Song
- English title: A Rainy Night at the Port
- Composer: Yang San-lang
- Lyricist: Lü Chuanzi

= A Rainy Night at the Port =

1958 Song composed by Yang San-lang

A Rainy Night at the Port (港都夜雨 (Káng-Too Iā-ú)) is a Taiwanese Hokkien pop song released in 1958, composed by Yang San-lang with lyrics by Lü Chuanzi (呂傳梓). It was inspired by the city of Keelung. Originally, it was composed without lyrics.

== Overview ==
In the early 1960s, Yang San-lang took over as the conductor of the band at the Keelung Landmark Club for American forces in Taiwan, where he also played the trumpet.

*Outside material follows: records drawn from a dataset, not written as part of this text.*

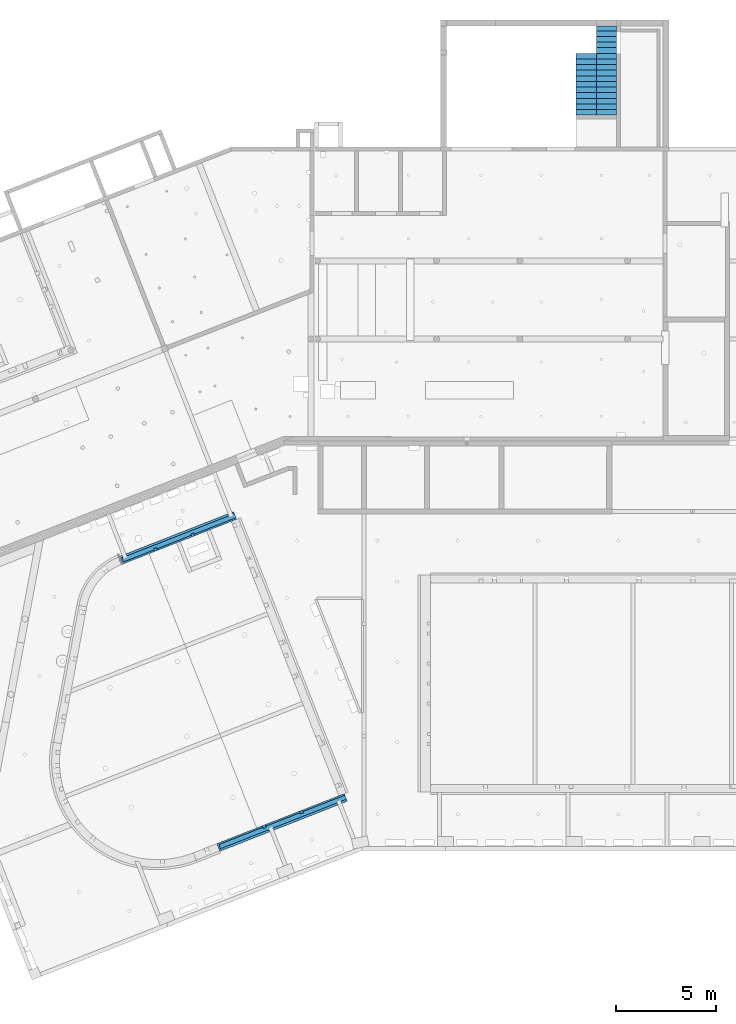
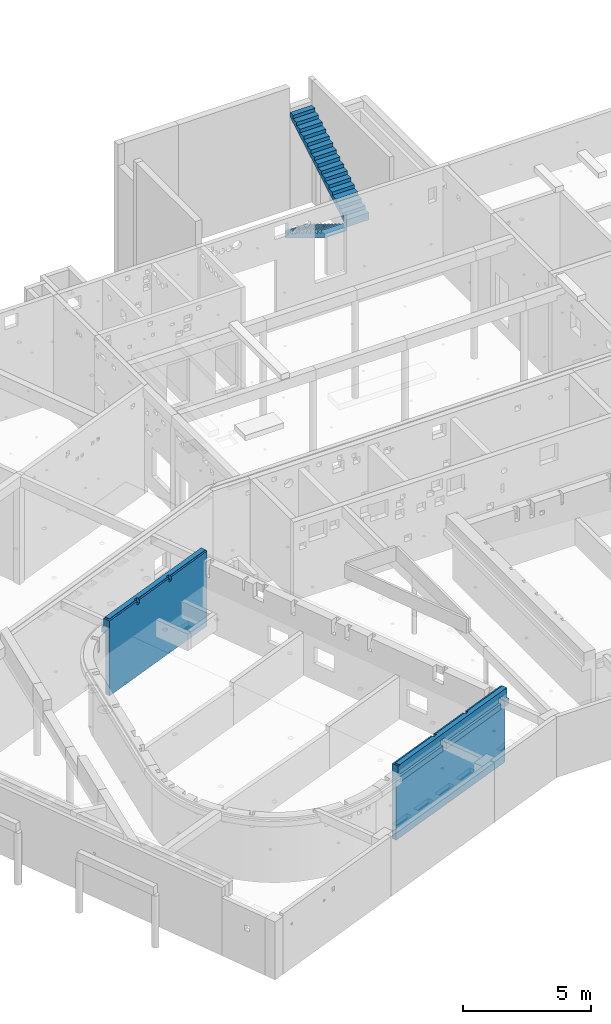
# One storey, part 28 of 28: 2 stairs, 2 walls, 11 openings.
"""IFC2X3 building model written with IfcOpenShell, lengths in metres."""

from ifc_helpers import new_model, entity, si_unit, converted_unit, direction, frame, origin, origin_with_axes, place, context, subcontext, project, spatial, polyline, outline, extrude, faceted_brep, material, element, save


model = new_model("IFC2X3")

# Units and contexts
model_context = context("Model", 3, precision=1e-05, world=origin(), true_north=direction((-0.407059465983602, -0.913401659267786)))
body_context = subcontext(model_context, "Body", "Model", "MODEL_VIEW")
ifc_project = project(units=[si_unit("LENGTHUNIT", "METRE"), si_unit("AREAUNIT", "SQUARE_METRE"), si_unit("VOLUMEUNIT", "CUBIC_METRE"), si_unit("MASSUNIT", "GRAM", prefix="KILO"), converted_unit("PLANEANGLEUNIT", "DEGREE", entity("IfcPlaneAngleMeasure", 0.0174532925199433), si_unit("PLANEANGLEUNIT", "RADIAN"), dimensions=[0, 0, 0, 0, 0, 0, 0])], contexts=[model_context])

# Site, buildings, storey
site_placement = place(None, origin())
site = spatial("IfcSite", under=ifc_project, at=site_placement, Name="Site", CompositionType="ELEMENT")
building_1_placement = place(site_placement, origin())
building_1 = spatial("IfcBuilding", under=site, at=building_1_placement, Name="Site", CompositionType="COMPLEX")
building_2_placement = place(building_1_placement, origin())
building_2 = spatial("IfcBuilding", under=building_1, at=building_2_placement, Name="Bâtiments", CompositionType="ELEMENT")
storey_placement = place(building_2_placement, frame((0.0, 0.0, -5.3)))
storey = spatial("IfcBuildingStorey", under=building_2, at=storey_placement, Name="SOUS-SOL", CompositionType="ELEMENT", Elevation=-5.3)

# Wall, openings
ifc_material_1 = material(Name="Béton")
wall_1_placement = place(storey_placement, frame((23.0210984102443, -25.6787157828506, 1.81)))
wall_1 = element("IfcWall", 1, at=wall_1_placement, inside=storey, material=ifc_material_1, context=body_context, shape_type="Brep", body=[
    faceted_brep([(2.7620972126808, 1.23978941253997, 3.35), (2.7620972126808, 1.23978941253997, 2.95), (2.5759156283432, 1.16673983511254, 2.95), (2.5759156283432, 1.16673983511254, 3.35), (6.15225922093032, 2.56994714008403, 3.35), (6.15225922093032, 2.56994714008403, 2.95), (5.96607763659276, 2.49689756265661, 2.95), (5.96607763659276, 2.49689756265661, 3.35), (6.2253091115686, 2.38376475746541, 2.95), (6.03912752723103, 2.31071518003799, 2.95), (2.83514532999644, 1.05361154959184, 2.95), (2.64896374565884, 0.980561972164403, 2.95), (5.99895017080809, 2.41311527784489, 3.35), (6.18513175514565, 2.48616485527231, 3.35), (6.03912752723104, 2.31071518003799, 3.14), (5.99895017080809, 2.41311527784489, 3.14), (2.83514532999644, 1.05361154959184, 3.14), (2.79496797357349, 1.15601164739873, 3.14), (2.79496797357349, 1.15601164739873, 3.35), (2.60878638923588, 1.0829620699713, 3.35), (2.64896374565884, 0.980561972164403, 3.14), (2.60878638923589, 1.0829620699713, 3.14), (6.18513175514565, 2.48616485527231, 3.14), (6.2253091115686, 2.38376475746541, 3.14), (0.149803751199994, 0.0, 3.14), (0.109626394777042, 0.102400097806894, 3.14), (6.41724912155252, 2.68465941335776, 2.88), (0.073084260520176, 0.195535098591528, 2.88), (0.0730497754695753, 0.195521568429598, 2.88), (0.073101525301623, 0.19549109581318, 2.88), (0.149803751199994, 0.0, 2.88), (6.49395134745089, 2.48916831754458, 2.88), (6.49395134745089, 2.48916831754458, 3.14), (6.45377399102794, 2.59156841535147, 3.14), (0.109626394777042, 0.102400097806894, 3.6), (6.45377399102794, 2.59156841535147, 3.6), (0.073101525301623, 0.19549109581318, 3.6), (0.0730497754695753, 0.195521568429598, 3.6), (0.073084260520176, 0.195535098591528, 3.6), (0.073084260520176, 0.195535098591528, 0.0), (5.178635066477e-05, 0.381673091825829, 0.0), (5.178635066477e-05, 0.381673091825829, 3.6), (6.41724912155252, 2.68465941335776, 0.0), (6.34419938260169, 2.87084140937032, 0.0), (6.34419938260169, 2.87084140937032, 3.6), (0.0, 0.381703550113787, 0.0), (0.0, 0.381703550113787, 3.6)], [[[0, 1, 2, 3]], [[4, 5, 6, 7]], [[5, 8, 9, 6]], [[1, 10, 11, 2]], [[7, 12, 13, 4]], [[7, 6, 9, 14, 15, 12]], [[14, 16, 17, 15]], [[18, 17, 16, 10, 1, 0]], [[3, 19, 18, 0]], [[3, 2, 11, 20, 21, 19]], [[13, 22, 23, 8, 5, 4]], [[20, 24, 25, 21]], [[26, 27, 28, 29, 30, 31]], [[9, 8, 23, 32, 31, 30, 24, 20, 11, 10, 16, 14]], [[22, 33, 32, 23]], [[13, 12, 15, 17, 18, 19, 21, 25, 34, 35, 33, 22]], [[25, 24, 30, 29, 36, 34]], [[29, 28, 37, 36]], [[37, 28, 27, 38]], [[27, 39, 40, 41, 38]], [[42, 39, 27, 26]], [[43, 42, 26, 31, 32, 33, 35, 44]], [[45, 43, 44, 46]], [[40, 45, 46, 41]], [[39, 42, 43, 45, 40]], [[46, 44, 35, 34, 36, 37, 38, 41]]], orient=[[False], [False], [False], [False], [False], [False], [False], [False], [False], [False], [False], [False], [False], [False], [False], [False], [False], [False], [False], [False], [False], [False], [False], [False], [False], [False]]),
])
opening_1_placement = place(wall_1_placement, frame((6.06066452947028, 2.81330551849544, 2.05), z_axis=(0.930909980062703, 0.365248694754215, 0.0), x_axis=(0.0, 0.0, 1.0)))
element("IfcOpeningElement", 2, at=opening_1_placement, cuts=wall_1, Name="Percement dans mur", ObjectType="Opening", context=body_context, shape_type="SweptSolid", body=[
    extrude(outline(polyline([(0.0, 0.0500000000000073), (1.19, 0.0500000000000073), (1.19, 0.0), (0.0, 0.0), (0.0, 0.0500000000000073)])), origin_with_axes(), (0.0, 0.0, 1.0), 0.0499999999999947),
])
opening_2_placement = place(wall_1_placement, frame((6.45377399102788, 2.59156841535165, 3.58), z_axis=(0.0, 0.0, 1.0), x_axis=(-0.365248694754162, 0.930909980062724, 0.0)))
element("IfcOpeningElement", 3, at=opening_2_placement, cuts=wall_1, Name="Percement dans mur", ObjectType="Opening", context=body_context, shape_type="SweptSolid", body=[
    extrude(outline(polyline([(0.219999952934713, 6.73503305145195), (0.219999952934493, -5.6843418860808e-16), (0.299999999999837, -7.38964445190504e-16), (0.300000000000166, 6.81499579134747), (0.100047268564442, 6.81499579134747), (0.100047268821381, 6.81503283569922), (0.10000000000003, 6.81499579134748), (1.68256519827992e-14, 6.81499579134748), (1.50066625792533e-14, 6.73503305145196), (0.219999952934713, 6.73503305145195)])), origin_with_axes(), (0.0, 0.0, 1.0), 0.02),
])
opening_3_placement = place(wall_1_placement, frame((4.26363681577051, 2.05453407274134, 3.39), z_axis=(0.365241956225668, -0.930912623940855, 0.0), x_axis=(0.0, 0.0, 1.0)))
element("IfcOpeningElement", 4, at=opening_3_placement, cuts=wall_1, Name="Percement dans mur", ObjectType="Opening", context=body_context, shape_type="SweptSolid", body=[
    extrude(outline(polyline([(0.0, 0.149999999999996), (0.21, 0.149999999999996), (0.21, 0.0), (0.0, 0.0), (0.0, 0.149999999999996)])), origin_with_axes(), (0.0, 0.0, 1.0), 0.150000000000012),
])
opening_4_placement = place(wall_1_placement, frame((2.40183694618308, 1.32406011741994, 3.39), z_axis=(0.365241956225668, -0.930912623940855, 0.0), x_axis=(0.0, 0.0, 1.0)))
element("IfcOpeningElement", 5, at=opening_4_placement, cuts=wall_1, Name="Percement dans mur", ObjectType="Opening", context=body_context, shape_type="SweptSolid", body=[
    extrude(outline(polyline([(0.0, 0.149999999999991), (0.21, 0.149999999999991), (0.21, 0.0), (0.0, 0.0), (0.0, 0.149999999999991)])), origin_with_axes(), (0.0, 0.0, 1.0), 0.150000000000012),
])
opening_5_placement = place(wall_1_placement, frame((6.15791523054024, 2.5829108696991, 2.88), z_axis=(0.365248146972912, -0.930910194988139, 0.0), x_axis=(0.0, 0.0, 1.0)))
element("IfcOpeningElement", 6, at=opening_5_placement, cuts=wall_1, Name="Percement dans mur", ObjectType="Opening", context=body_context, shape_type="SweptSolid", body=[
    extrude(outline(polyline([(0.0, 0.22), (0.47, 0.22), (0.47, 0.0), (0.0, 0.0), (0.0, 0.22)])), origin_with_axes(), (0.0, 0.0, 1.0), 0.110000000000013),
    extrude(outline(polyline([(0.0, 0.22), (0.47, 0.22), (0.47, 0.0), (0.0, 0.0), (0.0, 0.22)])), frame((0.0, -1.09423581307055e-15, 0.110000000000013), z_axis=(0.0, 0.0, 1.0), x_axis=(1.0, 0.0, 0.0)), (0.0, 0.0, 1.0), 0.100000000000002),
])
opening_6_placement = place(wall_1_placement, frame((2.76775066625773, 1.25275965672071, 2.88), z_axis=(0.365248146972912, -0.930910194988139, 0.0), x_axis=(0.0, 0.0, 1.0)))
element("IfcOpeningElement", 7, at=opening_6_placement, cuts=wall_1, Name="Percement dans mur", ObjectType="Opening", context=body_context, shape_type="SweptSolid", body=[
    extrude(outline(polyline([(0.0, 0.22), (0.47, 0.22), (0.47, 0.0), (0.0, 0.0), (0.0, 0.22)])), origin_with_axes(), (0.0, 0.0, 1.0), 0.110000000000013),
    extrude(outline(polyline([(0.0, 0.22), (0.47, 0.22), (0.47, 0.0), (0.0, 0.0), (0.0, 0.22)])), frame((0.0, -1.09423581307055e-15, 0.110000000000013), z_axis=(0.0, 0.0, 1.0), x_axis=(1.0, 0.0, 0.0)), (0.0, 0.0, 1.0), 0.100000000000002),
])

ifc_material_2 = material(Name="Béton")
wall_2_placement = place(storey_placement, frame((18.1620557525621, -11.3649304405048, 1.81)))
wall_2 = element("IfcWall", 8, at=wall_2_placement, inside=storey, material=ifc_material_2, context=body_context, shape_type="Brep", body=[
    faceted_brep([(0.149751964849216, 0.0, 3.6), (0.0401773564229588, 0.279272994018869, 3.6), (5.72834194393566, 2.51105817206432, 3.6), (5.83791655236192, 2.23178517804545, 3.6), (5.83791655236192, 2.23178517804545, 0.0), (0.149751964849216, 0.0, 0.0), (0.076702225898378, 0.186181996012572, 0.0), (5.76486681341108, 2.41796717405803, 0.0), (5.72834194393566, 2.51105817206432, 3.14), (5.68816458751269, 2.61345826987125, 3.14), (5.68816458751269, 2.61345826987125, 2.88), (5.76486681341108, 2.41796717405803, 2.88), (0.076702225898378, 0.186181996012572, 2.88), (0.0, 0.38167309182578, 2.88), (0.0, 0.38167309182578, 3.14), (0.0401773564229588, 0.279272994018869, 3.14), (5.48938482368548, 2.32063745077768, 3.35), (5.48938482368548, 2.32063745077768, 2.95), (5.67556640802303, 2.3936870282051, 2.95), (5.67556640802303, 2.3936870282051, 3.35), (5.41634021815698, 2.50680636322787, 2.95), (5.60252184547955, 2.57985583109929, 2.95), (0.214854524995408, 0.251144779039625, 3.35), (0.214854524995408, 0.251144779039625, 2.95), (0.401036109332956, 0.324194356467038, 2.95), (0.401036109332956, 0.324194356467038, 3.35), (0.141810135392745, 0.43731314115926, 2.95), (0.327991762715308, 0.510362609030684, 2.95), (5.45651757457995, 2.40440626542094, 3.35), (5.64269920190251, 2.47745573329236, 3.35), (5.60252184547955, 2.57985583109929, 3.14), (5.64269920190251, 2.47745573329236, 3.14), (0.181987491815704, 0.334913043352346, 3.35), (0.181987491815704, 0.334913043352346, 3.14), (0.141810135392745, 0.43731314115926, 3.14), (0.368169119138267, 0.40796251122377, 3.35), (0.327991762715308, 0.510362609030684, 3.14), (0.368169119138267, 0.40796251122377, 3.14), (5.45651757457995, 2.40440626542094, 3.14), (5.41634021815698, 2.50680636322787, 3.14)], [[[0, 1, 2, 3]], [[4, 5, 0, 3]], [[6, 5, 4, 7]], [[7, 4, 3, 2, 8, 9, 10, 11]], [[5, 6, 12, 13, 14, 15, 1, 0]], [[6, 7, 11, 12]], [[16, 17, 18, 19]], [[18, 17, 20, 21]], [[22, 23, 24, 25]], [[24, 23, 26, 27]], [[12, 11, 10, 13]], [[28, 16, 19, 29]], [[19, 18, 21, 30, 31, 29]], [[32, 33, 34, 26, 23, 22]], [[32, 22, 25, 35]], [[25, 24, 27, 36, 37, 35]], [[28, 38, 39, 20, 17, 16]], [[28, 29, 31, 8, 2, 1, 15, 33, 32, 35, 37, 38]], [[20, 39, 36, 27, 26, 34, 14, 13, 10, 9, 30, 21]], [[30, 9, 8, 31]], [[38, 37, 36, 39]], [[33, 15, 14, 34]]], orient=[[False], [False], [False], [False], [False], [False], [False], [False], [False], [False], [False], [False], [False], [False], [False], [False], [False], [False], [False], [False], [False], [False]]),
])
opening_7_placement = place(wall_2_placement, frame((0.14975185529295, -4.29850515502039e-08, 3.58), z_axis=(0.0, 0.0, 1.0), x_axis=(0.93091019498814, 0.365248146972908, 0.0)))
element("IfcOpeningElement", 9, at=opening_7_placement, cuts=wall_2, Name="Percement dans mur", ObjectType="Opening", context=body_context, shape_type="SweptSolid", body=[
    extrude(outline(polyline([(1.17687255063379e-07, -3.05102846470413e-16), (6.11032592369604, 0.0), (6.11032587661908, 0.0800035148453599), (0.0799999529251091, 0.07999996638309), (0.0800000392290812, 0.299999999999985), (1.16529008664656e-15, 0.299999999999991), (1.17687255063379e-07, -3.05102846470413e-16)])), origin_with_axes(), (0.0, 0.0, 1.0), 0.02),
])
opening_8_placement = place(wall_2_placement, frame((1.75588805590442, 0.630177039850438, 3.39), z_axis=(-0.365248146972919, 0.930910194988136, 0.0), x_axis=(0.0, 0.0, 1.0)))
element("IfcOpeningElement", 10, at=opening_8_placement, cuts=wall_2, Name="Percement dans mur", ObjectType="Opening", context=body_context, shape_type="SweptSolid", body=[
    extrude(outline(polyline([(0.0, 0.150000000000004), (0.21, 0.150000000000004), (0.21, 0.0), (0.0, 0.0), (0.0, 0.150000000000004)])), origin_with_axes(), (0.0, 0.0, 1.0), 0.150000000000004),
])
opening_9_placement = place(wall_2_placement, frame((3.61768306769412, 1.36066337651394, 3.39), z_axis=(-0.365248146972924, 0.930910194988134, 0.0), x_axis=(0.0, 0.0, 1.0)))
element("IfcOpeningElement", 11, at=opening_9_placement, cuts=wall_2, Name="Percement dans mur", ObjectType="Opening", context=body_context, shape_type="SweptSolid", body=[
    extrude(outline(polyline([(0.0, 0.150000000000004), (0.21, 0.150000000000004), (0.21, 0.0), (0.0, 0.0), (0.0, 0.150000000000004)])), origin_with_axes(), (0.0, 0.0, 1.0), 0.150000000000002),
])
opening_10_placement = place(wall_2_placement, frame((0.337300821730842, 0.514015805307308, 2.88), z_axis=(0.365248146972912, -0.930910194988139, 0.0), x_axis=(0.0, 0.0, 1.0)))
element("IfcOpeningElement", 12, at=opening_10_placement, cuts=wall_2, Name="Percement dans mur", ObjectType="Opening", context=body_context, shape_type="SweptSolid", body=[
    extrude(outline(polyline([(0.0, 0.220000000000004), (0.47, 0.220000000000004), (0.47, 0.0), (0.0, 0.0), (0.0, 0.220000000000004)])), origin_with_axes(), (0.0, 0.0, 1.0), 0.110000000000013),
    extrude(outline(polyline([(0.0, 0.220000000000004), (0.47, 0.220000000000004), (0.47, 0.0), (0.0, 0.0), (0.0, 0.220000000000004)])), frame((0.0, -2.48689957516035e-16, 0.110000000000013), z_axis=(0.0, 0.0, 1.0), x_axis=(1.0, 0.0, 0.0)), (0.0, 0.0, 1.0), 0.100000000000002),
])
opening_11_placement = place(wall_2_placement, frame((5.61183112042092, 2.58350847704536, 2.88), z_axis=(0.365248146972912, -0.930910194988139, 0.0), x_axis=(0.0, 0.0, 1.0)))
element("IfcOpeningElement", 13, at=opening_11_placement, cuts=wall_2, Name="Percement dans mur", ObjectType="Opening", context=body_context, shape_type="SweptSolid", body=[
    extrude(outline(polyline([(0.0, 0.220000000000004), (0.47, 0.220000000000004), (0.47, 0.0), (0.0, 0.0), (0.0, 0.220000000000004)])), origin_with_axes(), (0.0, 0.0, 1.0), 0.110000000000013),
    extrude(outline(polyline([(0.0, 0.22), (0.47, 0.22), (0.47, 0.0), (0.0, 0.0), (0.0, 0.22)])), frame((0.0, -2.48689957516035e-16, 0.110000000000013), z_axis=(0.0, 0.0, 1.0), x_axis=(1.0, 0.0, 0.0)), (0.0, 0.0, 1.0), 0.100000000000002),
])

# Stairs
ifc_material_3 = material(Name="Escalier droit")
stair_1_placement = place(storey_placement, frame((41.9296416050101, 11.0104510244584, 2.34500689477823)))
element("IfcStair", 14, at=stair_1_placement, inside=storey, material=ifc_material_3, ShapeType="NOTDEFINED", context=body_context, shape_type="Brep", body=[
    faceted_brep([(1.0, 0.0, 0.0), (1.0, 0.28, 0.1625), (-7.27595761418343e-15, 0.28, 0.1625), (-7.27595761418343e-15, 0.0, 0.0), (-7.27595761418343e-15, 0.0, 0.347493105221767), (-7.27595761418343e-15, 0.28, 0.347493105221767), (1.0, 0.28, 0.347493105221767), (1.0, 0.0, 0.347493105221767)], [[[0, 1, 2, 3]], [[4, 5, 6, 7]], [[7, 6, 1, 0]], [[6, 5, 2, 1]], [[5, 4, 3, 2]], [[4, 7, 0, 3]]], orient=[[False], [False], [False], [False], [False], [False]]),
    faceted_brep([(1.0, 0.28, 0.1625), (1.0, 0.56, 0.325), (-7.27595761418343e-15, 0.56, 0.325), (-7.27595761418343e-15, 0.28, 0.1625), (-7.27595761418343e-15, 0.28, 0.509993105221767), (-7.27595761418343e-15, 0.56, 0.509993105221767), (1.0, 0.56, 0.509993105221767), (1.0, 0.28, 0.509993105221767)], [[[0, 1, 2, 3]], [[4, 5, 6, 7]], [[7, 6, 1, 0]], [[6, 5, 2, 1]], [[5, 4, 3, 2]], [[4, 7, 0, 3]]], orient=[[False], [False], [False], [False], [False], [False]]),
    faceted_brep([(1.0, 0.56, 0.325), (1.0, 0.84, 0.4875), (-7.27595761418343e-15, 0.84, 0.4875), (-7.27595761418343e-15, 0.56, 0.325), (-7.27595761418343e-15, 0.56, 0.672493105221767), (-7.27595761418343e-15, 0.84, 0.672493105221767), (1.0, 0.84, 0.672493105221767), (1.0, 0.56, 0.672493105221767)], [[[0, 1, 2, 3]], [[4, 5, 6, 7]], [[7, 6, 1, 0]], [[6, 5, 2, 1]], [[5, 4, 3, 2]], [[4, 7, 0, 3]]], orient=[[False], [False], [False], [False], [False], [False]]),
    faceted_brep([(1.0, 0.84, 0.4875), (1.0, 1.12, 0.65), (-7.27595761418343e-15, 1.12, 0.65), (-7.27595761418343e-15, 0.84, 0.4875), (-7.27595761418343e-15, 0.84, 0.834993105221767), (-7.27595761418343e-15, 1.12, 0.834993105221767), (1.0, 1.12, 0.834993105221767), (1.0, 0.84, 0.834993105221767)], [[[0, 1, 2, 3]], [[4, 5, 6, 7]], [[7, 6, 1, 0]], [[6, 5, 2, 1]], [[5, 4, 3, 2]], [[4, 7, 0, 3]]], orient=[[False], [False], [False], [False], [False], [False]]),
    faceted_brep([(1.0, 1.12, 0.65), (1.0, 1.4, 0.8125), (-7.27595761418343e-15, 1.4, 0.8125), (-7.27595761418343e-15, 1.12, 0.65), (-7.27595761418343e-15, 1.12, 0.997493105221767), (-7.27595761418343e-15, 1.4, 0.997493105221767), (1.0, 1.4, 0.997493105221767), (1.0, 1.12, 0.997493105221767)], [[[0, 1, 2, 3]], [[4, 5, 6, 7]], [[7, 6, 1, 0]], [[6, 5, 2, 1]], [[5, 4, 3, 2]], [[4, 7, 0, 3]]], orient=[[False], [False], [False], [False], [False], [False]]),
    faceted_brep([(1.0, 1.4, 0.8125), (1.0, 1.68, 0.975), (-7.27595761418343e-15, 1.68, 0.975), (-7.27595761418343e-15, 1.4, 0.8125), (-7.27595761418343e-15, 1.4, 1.15999310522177), (-7.27595761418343e-15, 1.68, 1.15999310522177), (1.0, 1.68, 1.15999310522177), (1.0, 1.4, 1.15999310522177)], [[[0, 1, 2, 3]], [[4, 5, 6, 7]], [[7, 6, 1, 0]], [[6, 5, 2, 1]], [[5, 4, 3, 2]], [[4, 7, 0, 3]]], orient=[[False], [False], [False], [False], [False], [False]]),
    faceted_brep([(1.0, 1.68, 0.975), (1.0, 1.96, 1.1375), (-7.27595761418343e-15, 1.96, 1.1375), (-7.27595761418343e-15, 1.68, 0.975), (-7.27595761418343e-15, 1.68, 1.32249310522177), (-7.27595761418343e-15, 1.96, 1.32249310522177), (1.0, 1.96, 1.32249310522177), (1.0, 1.68, 1.32249310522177)], [[[0, 1, 2, 3]], [[4, 5, 6, 7]], [[7, 6, 1, 0]], [[6, 5, 2, 1]], [[5, 4, 3, 2]], [[4, 7, 0, 3]]], orient=[[False], [False], [False], [False], [False], [False]]),
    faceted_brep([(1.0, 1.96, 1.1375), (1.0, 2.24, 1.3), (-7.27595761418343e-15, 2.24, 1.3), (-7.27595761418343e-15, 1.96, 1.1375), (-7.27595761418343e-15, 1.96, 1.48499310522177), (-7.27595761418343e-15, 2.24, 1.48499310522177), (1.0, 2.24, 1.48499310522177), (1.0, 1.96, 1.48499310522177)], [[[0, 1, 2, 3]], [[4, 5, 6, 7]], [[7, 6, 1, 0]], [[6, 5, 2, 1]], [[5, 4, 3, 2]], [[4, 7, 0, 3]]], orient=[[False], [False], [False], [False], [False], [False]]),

Keelung, known for its rainy weather, inspired Yang on one such day to compose a sad melody using natural minor and the harmonic minor to perform a sad song on the trumpet, which he called "Rain Blues" (雨的BLUES). He played it every day, to the acclaim of the American soldiers in the audience. The song, however, did not have lyrics until the band's pianist, Lü Chuanzi was inspired to write lyrics to the song, describing the grieved feelings of a traveling young man watching the rain one night in the port city of Keelung. After penning the lyrics, Lü handed them over to the composer of "Mend the Broken Net", Wang Yunfeng (王雲峰) for editing. The resulting lyrics, paired with Yang's original tune, became a favorite song at the Landmark Club.

In 1958, Yang San-lang had Wu Jin-huai perform the song in public, and release the recording.A Protestant group later adapted the tune to new lyrics, turning it into a hymn.